Medley at 402 (internal citations omitted).
In so reviewing, we must bear in mind that the “government entity seeking to withhold a record from disclosure under the open records act bears the burden of proving the exempt status of the record.” Lexington H-L Services, Inc. v. Lexington-Fayette Urban County Government, 297 S.W.3d 579, 583 (Ky.App.2009). Moreover, this Court is not bound by the Attorney General's opinions, but such opinions are highly persuasive. Id. quoting Medley, supra.
The Kentucky Open Records Act is codified in KRS Chapter 61. KRS 61.878 sets out the exclusions to the act, including, KRS 61.878(1)(a) which excludes, “Public records containing information of a personal nature where the public disclosure thereof would constitute a clearly unwarranted invasion of personal privacy[.]” To determine if the clearly unwarranted invasion of personal privacy exclusion applies,
[O]ur Court must initially determine whether such record or information contained therein is of a “personal nature.” Palmer v. Driggers, 60 S.W.3d 591 (Ky.App.2001). If the record or information is of a personal nature, we must then determine “whether public disclosure ‘would constitute a clearly unwarranted invasion of personal privacy.’ “ Zink v. Com., 902 S.W.2d 825, 828 (Ky.App.1994)(quoting Ky. Bd. of Exam'rs, 826 S.W.2d at 326). To so determine, our Court must engage in a “comparative weighing of the antagonistic interests” as discussed in the case of Kentucky Board of Examiners [at 327-328]:
[G]iven the privacy interest on the one hand and, on the other, the general rule of inspection and its underlying policy of openness for the public good, there is but one available mode of decision, and that is by comparative weighing of the antagonistic interests. Necessarily, the circumstances of a particular case will affect the balance. The statute contemplates a case-specific approach by providing for de novo judicial review of agency actions, and by requiring that the agency sustain its action by proof. Moreover, the question of whether an invasion of privacy is “clearly unwarranted” is intrinsically situational, and can only be determined within a specific context.
Lexington H-L Services, Inc., at 584.
In the case sub judice, we agree with the trial court that the record sought contains information of a personal nature. See id. In weighing the antagonistic interests of the public's right to know versus the privacy interest, we must bear in mind that, “The public's ‘right to know’ under the Open Records Act is premised upon the public's right to expect its agencies properly to execute their statutory functions.” Kentucky Bd. of Examiners of Psychologists and Div. of Occupations and Professions, Dept. for Admin. v. Courier-Journal and Louisville Times Co., 826 S.W.2d 324, 328 (Ky.1992).

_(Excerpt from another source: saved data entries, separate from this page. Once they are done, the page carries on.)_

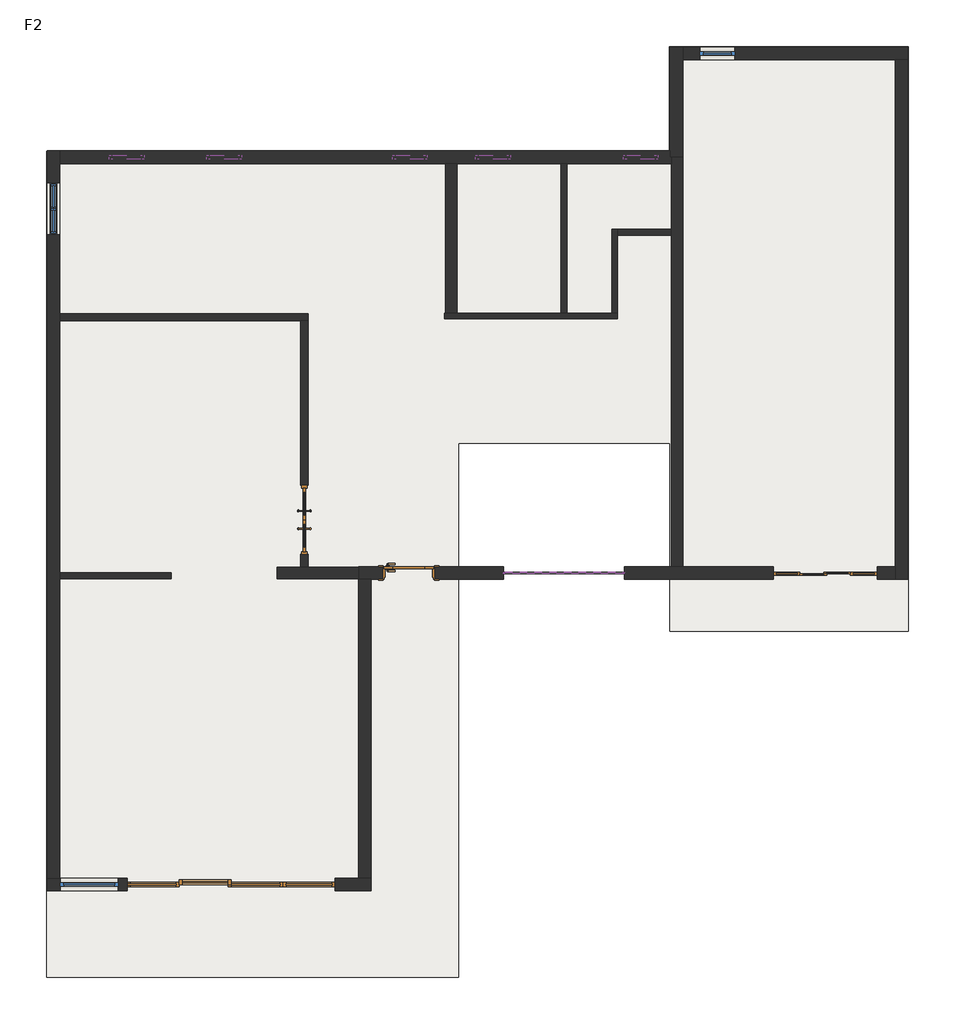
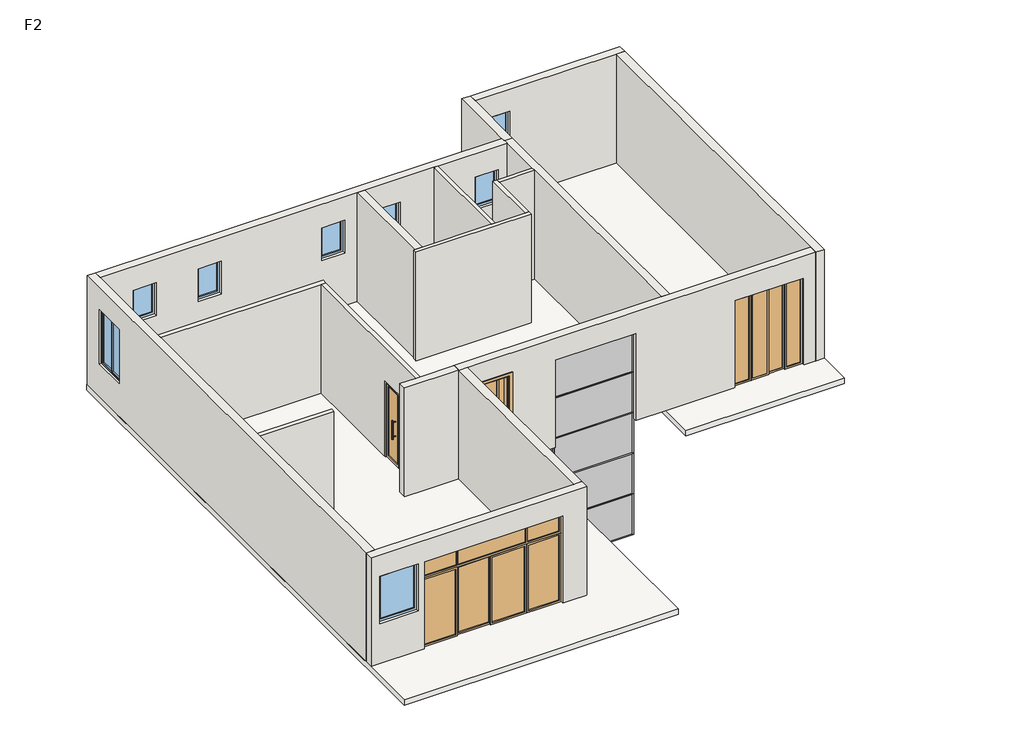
# One storey: 18 walls, 16 members, 8 windows, 5 plates, 4 doors, 1 slab.
"""IFC4 building model written with IfcOpenShell, lengths in millimetres."""

from ifc_helpers import new_model, si_unit, frame, origin, place, context, project, spatial, polyline, outline, extrude, faceted_brep, transform, mapped, element, save
from components import door_0924_8836e307, door_1200_x_2100mm_28484c29, ym3267_4c35834f, ym3627_ym3624_cbced519, member_36abf0b9, member_8a8b1aba, member_6a4487dd, member_cb581688, member_e9ca11cf, plate_7d49b9b0, plate_fc9b985f, c0615_c0609_9743c050, c0615_c0615_013a5557, c0615_c1023_ef9932f1, c0915_c0915_c0da6e5c

model = new_model("IFC4")

# Units and contexts
model_context = context("Model", 3, world=origin())
ifc_project = project(units=[si_unit("LENGTHUNIT", "METRE", prefix="MILLI")], contexts=[model_context])

# Site, building, storey
site = spatial("IfcSite", under=ifc_project)
building = spatial("IfcBuilding", under=site)
storey = spatial("IfcBuildingStorey", under=building, Name="F2", Elevation=3300.0)

# Doors
placement = place(None, origin())
door_0924_shape = door_0924_8836e307(model_context)
element("IfcDoor", 1, ObjectType="单扇平开门-木门 : 0924", at=placement, inside=storey, context=model_context, shape_type="MappedRepresentation", body=[
    mapped(door_0924_shape, transform((-10695.9782681, -8531.0286905, 3300.0), x_axis=(1.0, 0.0, 0.0), y_axis=(0.0, 1.0, 0.0), z_axis=(0.0, 0.0, 1.0))),
])
door_1200_x_2100mm_shape = door_1200_x_2100mm_28484c29(model_context)
element("IfcDoor", 2, ObjectType="双面嵌板玻璃门 : 1200 x 2100mm", at=placement, inside=storey, context=model_context, shape_type="MappedRepresentation", body=[
    mapped(door_1200_x_2100mm_shape, transform((-12505.9782681, -7611.0286905, 3300.0), x_axis=(0.0, -1.0, 0.0), y_axis=(1.0, 0.0, 0.0), z_axis=(0.0, 0.0, 1.0))),
])
ym3267_shape = ym3267_4c35834f(model_context)
element("IfcDoor", 3, ObjectType="移门-推拉门 : YM3267", at=placement, inside=storey, context=model_context, shape_type="MappedRepresentation", body=[
    mapped(ym3267_shape, transform((-3475.9782681, -8531.0286905, 3300.0), x_axis=(-1.0, 0.0, 0.0), y_axis=(0.0, -1.0, 0.0), z_axis=(0.0, 0.0, 1.0))),
])
ym3627_ym3624_shape = ym3627_ym3624_cbced519(model_context)
element("IfcDoor", 4, ObjectType="YM3627 : YM3624", at=placement, inside=storey, context=model_context, shape_type="MappedRepresentation", body=[
    mapped(ym3627_ym3624_shape, transform((-13775.9782681, -13931.0286905, 3300.0), x_axis=(-1.0, 0.0, 0.0), y_axis=(0.0, -1.0, 0.0), z_axis=(0.0, 0.0, 1.0))),
])

# Members
member_shape = member_36abf0b9(model_context)
element("IfcMember", 5, ObjectType="矩形竖梃 : 30mm 正方形", at=placement, inside=storey, context=model_context, shape_type="MappedRepresentation", body=[
    mapped(member_shape, transform((-6985.9782681, -8531.0286905, 1235.0), x_axis=(0.0, 0.0, 1.0), y_axis=(0.0, -1.0, 0.0), z_axis=(1.0, 0.0, 0.0))),
])
element("IfcMember", 6, ObjectType="矩形竖梃 : 30mm 正方形", at=placement, inside=storey, context=model_context, shape_type="MappedRepresentation", body=[
    mapped(member_shape, transform((-6985.9782681, -8531.0286905, 2355.0), x_axis=(0.0, 0.0, 1.0), y_axis=(0.0, -1.0, 0.0), z_axis=(1.0, 0.0, 0.0))),
])
element("IfcMember", 7, ObjectType="矩形竖梃 : 30mm 正方形", at=placement, inside=storey, context=model_context, shape_type="MappedRepresentation", body=[
    mapped(member_shape, transform((-6985.9782681, -8531.0286905, 3475.0), x_axis=(0.0, 0.0, 1.0), y_axis=(0.0, -1.0, 0.0), z_axis=(1.0, 0.0, 0.0))),
])
element("IfcMember", 8, ObjectType="矩形竖梃 : 30mm 正方形", at=placement, inside=storey, context=model_context, shape_type="MappedRepresentation", body=[
    mapped(member_shape, transform((-6985.9782681, -8531.0286905, 4595.0), x_axis=(0.0, 0.0, 1.0), y_axis=(0.0, -1.0, 0.0), z_axis=(1.0, 0.0, 0.0))),
])
member_2_shape = member_8a8b1aba(model_context)
element("IfcMember", 9, ObjectType="矩形竖梃 : 30mm 正方形", at=placement, inside=storey, context=model_context, shape_type="MappedRepresentation", body=[
    mapped(member_2_shape, transform((-6985.9782681, -8531.0286905, 5700.0), x_axis=(0.0, 0.0, 1.0), y_axis=(0.0, -1.0, 0.0), z_axis=(1.0, 0.0, 0.0))),
])
element("IfcMember", 10, ObjectType="矩形竖梃 : 30mm 正方形", at=placement, inside=storey, context=model_context, shape_type="MappedRepresentation", body=[
    mapped(member_2_shape, transform((-9025.9782681, -8531.0286905, 100.0), x_axis=(0.0, 0.0, -1.0), y_axis=(0.0, -1.0, 0.0), z_axis=(-1.0, 0.0, 0.0))),
])
member_3_shape = member_6a4487dd(model_context)
element("IfcMember", 11, ObjectType="矩形竖梃 : 30mm 正方形", at=placement, inside=storey, context=model_context, shape_type="MappedRepresentation", body=[
    mapped(member_3_shape, transform((-6955.9782681, -8531.0286905, 100.0), x_axis=(1.0, 0.0, 0.0), y_axis=(0.0, -1.0, 0.0), z_axis=(0.0, 0.0, -1.0))),
])
member_4_shape = member_cb581688(model_context)
element("IfcMember", 12, ObjectType="矩形竖梃 : 30mm 正方形", at=placement, inside=storey, context=model_context, shape_type="MappedRepresentation", body=[
    mapped(member_4_shape, transform((-6955.9782681, -8531.0286905, 1235.0), x_axis=(1.0, 0.0, 0.0), y_axis=(0.0, -1.0, 0.0), z_axis=(0.0, 0.0, -1.0))),
])
element("IfcMember", 13, ObjectType="矩形竖梃 : 30mm 正方形", at=placement, inside=storey, context=model_context, shape_type="MappedRepresentation", body=[
    mapped(member_4_shape, transform((-6955.9782681, -8531.0286905, 2355.0), x_axis=(1.0, 0.0, 0.0), y_axis=(0.0, -1.0, 0.0), z_axis=(0.0, 0.0, -1.0))),
])
element("IfcMember", 14, ObjectType="矩形竖梃 : 30mm 正方形", at=placement, inside=storey, context=model_context, shape_type="MappedRepresentation", body=[
    mapped(member_4_shape, transform((-6955.9782681, -8531.0286905, 3475.0), x_axis=(1.0, 0.0, 0.0), y_axis=(0.0, -1.0, 0.0), z_axis=(0.0, 0.0, -1.0))),
])
member_5_shape = member_e9ca11cf(model_context)
element("IfcMember", 15, ObjectType="矩形竖梃 : 30mm 正方形", at=placement, inside=storey, context=model_context, shape_type="MappedRepresentation", body=[
    mapped(member_5_shape, transform((-6955.9782681, -8531.0286905, 4595.0), x_axis=(1.0, 0.0, 0.0), y_axis=(0.0, -1.0, 0.0), z_axis=(0.0, 0.0, -1.0))),
])
element("IfcMember", 16, ObjectType="矩形竖梃 : 30mm 正方形", at=placement, inside=storey, context=model_context, shape_type="MappedRepresentation", body=[
    mapped(member_5_shape, transform((-9055.9782681, -8531.0286905, 5700.0), x_axis=(-1.0, 0.0, 0.0), y_axis=(0.0, -1.0, 0.0), z_axis=(0.0, 0.0, 1.0))),
])
element("IfcMember", 17, ObjectType="矩形竖梃 : 30mm 正方形", at=placement, inside=storey, context=model_context, shape_type="MappedRepresentation", body=[
    mapped(member_3_shape, transform((-9055.9782681, -8531.0286905, 1235.0), x_axis=(-1.0, 0.0, 0.0), y_axis=(0.0, -1.0, 0.0), z_axis=(0.0, 0.0, 1.0))),
])
element("IfcMember", 18, ObjectType="矩形竖梃 : 30mm 正方形", at=placement, inside=storey, context=model_context, shape_type="MappedRepresentation", body=[
    mapped(member_4_shape, transform((-9055.9782681, -8531.0286905, 2355.0), x_axis=(-1.0, 0.0, 0.0), y_axis=(0.0, -1.0, 0.0), z_axis=(0.0, 0.0, 1.0))),
])
element("IfcMember", 19, ObjectType="矩形竖梃 : 30mm 正方形", at=placement, inside=storey, context=model_context, shape_type="MappedRepresentation", body=[
    mapped(member_4_shape, transform((-9055.9782681, -8531.0286905, 3475.0), x_axis=(-1.0, 0.0, 0.0), y_axis=(0.0, -1.0, 0.0), z_axis=(0.0, 0.0, 1.0))),
])
element("IfcMember", 20, ObjectType="矩形竖梃 : 30mm 正方形", at=placement, inside=storey, context=model_context, shape_type="MappedRepresentation", body=[
    mapped(member_4_shape, transform((-9055.9782681, -8531.0286905, 4595.0), x_axis=(-1.0, 0.0, 0.0), y_axis=(0.0, -1.0, 0.0), z_axis=(0.0, 0.0, 1.0))),
])

# Plates
plate_shape = plate_7d49b9b0(model_context)
element("IfcPlate", 21, ObjectType="系统嵌板 : 玻璃", at=placement, inside=storey, context=model_context, shape_type="MappedRepresentation", body=[
    mapped(plate_shape, transform((-8005.9782681, -8531.0286905, 130.0), x_axis=(1.0, 0.0, 0.0), y_axis=(0.0, 1.0, 0.0), z_axis=(0.0, 0.0, 1.0))),
])
element("IfcPlate", 22, ObjectType="系统嵌板 : 玻璃", at=placement, inside=storey, context=model_context, shape_type="MappedRepresentation", body=[
    mapped(plate_shape, transform((-8005.9782681, -8531.0286905, 1250.0), x_axis=(1.0, 0.0, 0.0), y_axis=(0.0, 1.0, 0.0), z_axis=(0.0, 0.0, 1.0))),
])
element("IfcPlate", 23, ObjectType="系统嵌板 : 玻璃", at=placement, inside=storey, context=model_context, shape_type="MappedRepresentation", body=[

In the case sub judice, the information sought by Valentine serves no valid public interest. When balanced against the invasion of privacy sought by Valentine's request to obtain the personnel records of his prosecuting attorney, the balance must tip in favor of privacy. Moreover, we are unaware, nor has Valentine enlightened us, how such a request would advance the public's interest in assuring that the agency in question was properly performing its function. As such, we agree with the court that releasing any of the information requested would amount to a clearly unwarranted invasion of personal privacy under the exclusion in KRS 61.878(1)(a). Accordingly, the trial court did not err in its determination.
In light of the aforementioned, we affirm.